When a message was written in streaming mode, the encoder did not know the object count or offsets up front. The index lives in the footer.

1. Seek to end − 24, read postamble → first_footer_offset
2. Seek to first_footer_offset, scan footer frames → find index
3. Read footer index frame → offsets[], lengths[]
4. Seek to offsets[N], read data object frame → decode

Both paths give O(1) access to any data object by index. The object count is derived from offsets.len().

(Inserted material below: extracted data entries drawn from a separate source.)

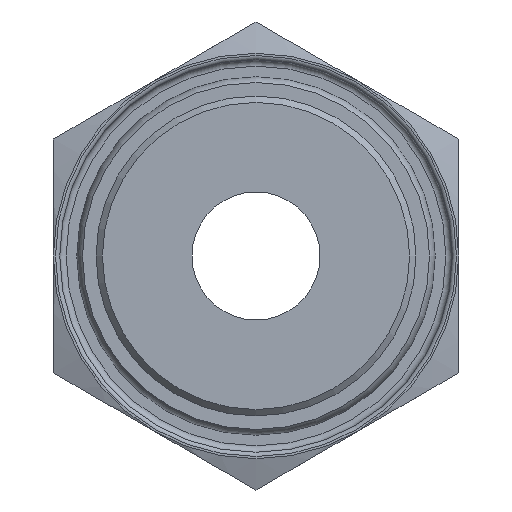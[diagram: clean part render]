
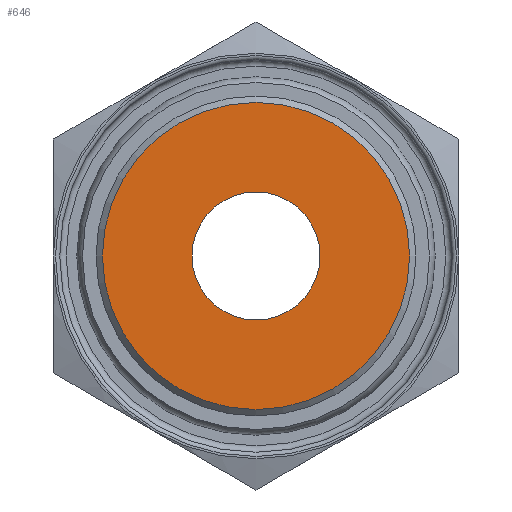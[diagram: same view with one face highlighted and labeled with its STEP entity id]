
A CAD part, front view. The second image highlights one B-rep face of the part: STEP entity #646.
In plain terms, the highlighted planar face has unit normal (0, -1, 0).
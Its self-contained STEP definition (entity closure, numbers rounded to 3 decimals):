
#72=FACE_BOUND('',#166,.T.);
#83=PLANE('',#794);
#116=FACE_OUTER_BOUND('',#165,.T.);
#165=EDGE_LOOP('',(#501));
#166=EDGE_LOOP('',(#502));
#258=CIRCLE('',#778,3.);
#266=CIRCLE('',#789,7.2);
#305=VERTEX_POINT('',#1123);
#313=VERTEX_POINT('',#1144);
#369=EDGE_CURVE('',#305,#305,#258,.T.);
#378=EDGE_CURVE('',#313,#313,#266,.T.);
#501=ORIENTED_EDGE('',*,*,#378,.F.);
#502=ORIENTED_EDGE('',*,*,#369,.T.);
#646=ADVANCED_FACE('',(#116,#72),#83,.T.);
#778=AXIS2_PLACEMENT_3D('',#1125,#914,#915);
#789=AXIS2_PLACEMENT_3D('',#1145,#937,#938);
#794=AXIS2_PLACEMENT_3D('',#1155,#949,#950);
#914=DIRECTION('center_axis',(0.,1.,0.));
#915=DIRECTION('ref_axis',(1.,0.,0.));
#937=DIRECTION('center_axis',(0.,1.,0.));
#938=DIRECTION('ref_axis',(-1.,0.,0.));
#949=DIRECTION('center_axis',(0.,-1.,0.));
#950=DIRECTION('ref_axis',(0.,0.,-1.));
#1123=CARTESIAN_POINT('',(-3.,-7.2,0.));
#1125=CARTESIAN_POINT('Origin',(0.,-7.2,0.));
#1144=CARTESIAN_POINT('',(7.2,-7.2,0.));
#1145=CARTESIAN_POINT('Origin',(0.,-7.2,0.));
#1155=CARTESIAN_POINT('Origin',(0.,-7.2,0.));
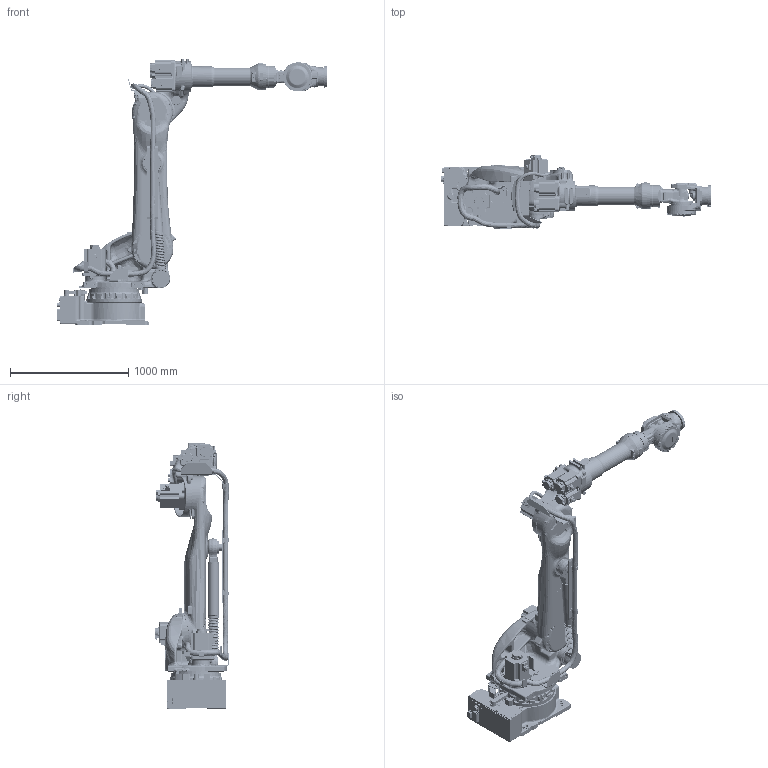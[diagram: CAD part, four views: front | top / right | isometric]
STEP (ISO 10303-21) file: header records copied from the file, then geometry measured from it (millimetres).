
FILE_DESCRIPTION(/* description */ (''),/* implementation_level */ '2;1');
FILE_NAME(/* name */ 'MS210-MH225.stp',/* time_stamp */ '2014-03-20T08:41:04+01:00',/* author */ (''),/* organization */ (''),/* preprocessor_version */ 'ST-DEVELOPER v14',/* originating_system */ 'SIEMENS PLM Software NX 8.0',/* authorisation */ '');
FILE_SCHEMA (('AUTOMOTIVE_DESIGN { 1 0 10303 214 3 1 1 1 }'));
Products named in the file (10): BALANCER_2_AXIS; BALANCER_1_AXIS; T_AXIS; B_AXIS; R_AXIS; U_AXIS; L_AXIS; S_AXIS; BASE_AXIS; MHS210-MH225
Assembly tree (9 placements, depth 2):
  MHS210-MH225
    BASE_AXIS
    S_AXIS
    L_AXIS
    U_AXIS
    R_AXIS
    B_AXIS
    T_AXIS
    BALANCER_1_AXIS
    BALANCER_2_AXIS
Bounding box: 2281.3 x 624.5 x 2253 mm (x, y, z)
Volume: 274288769.7 mm3; surface area: 9159952.6 mm2
Topology: 10 solids, 12 shells, 7161 faces, 17838 edges, 10839 vertices
Faces by surface type: plane 2260, cylinder 2250, bspline 1305, torus 747, cone 370, sphere 184, revolution 43, extrusion 2
Full cylindrical faces by diameter (mm): 9 x1
Entity records: 348969 total; most frequent: CARTESIAN_POINT 187445, ORIENTED_EDGE 35416, DIRECTION 31915, EDGE_CURVE 17708, AXIS2_PLACEMENT_3D 12244, VERTEX_POINT 10836, EDGE_LOOP 7518, VECTOR 7384

Scanning a Multi-Message File

Multiple messages can be concatenated into a single .tgm file. To find message boundaries:

  1. Scan forward for the TENSOGRM magic (8 bytes).
  2. Read total_length from the preamble.
    • If total_length is non-zero, advance by that many bytes to reach the next message.
    • If total_length is zero (streaming mode), use the header index frame length if present.
  3. If neither total length nor header index is available, walk frame-by-frame — each frame header contains a length field — until the next TENSOGRM magic or EOF.
  4. Verify the 39277777 end magic at the expected position to confirm message integrity.
flowchart TD
    A[Start of file] --> B{Find TENSOGRM?}
    B -- No --> Z[End of scan]
    B -- Yes --> C[Read total_length at +16]
    C --> D{total_length > 0?}
    D -- Yes --> E[Advance to offset + total_length]
    D -- No --> F[Walk frame-by-frame to next magic]
    E --> G[Verify 39277777 end magic]
    F --> G
    G -- Valid --> H[Record message]
    H --> B
    G -- Invalid --> I[Skip 1 byte, resume scan]
    I --> B

If the end magic does not match, the message is likely corrupt. The scanner skips one byte and resumes searching — this is the corruption recovery path.

A Note on CBOR

Frames that contain CBOR data (metadata, index, hash) use length-prefixed CBOR encoding — there are no explicit start/end markers within the CBOR stream itself. The CBOR decoder reads the first byte to determine the data type and item count, then consumes exactly that many bytes. The frame boundaries (FRENDF) provide the outer containment.

All CBOR maps use deterministic encoding with canonical key ordering (RFC 8949 section 4.2). See CBOR Metadata for details.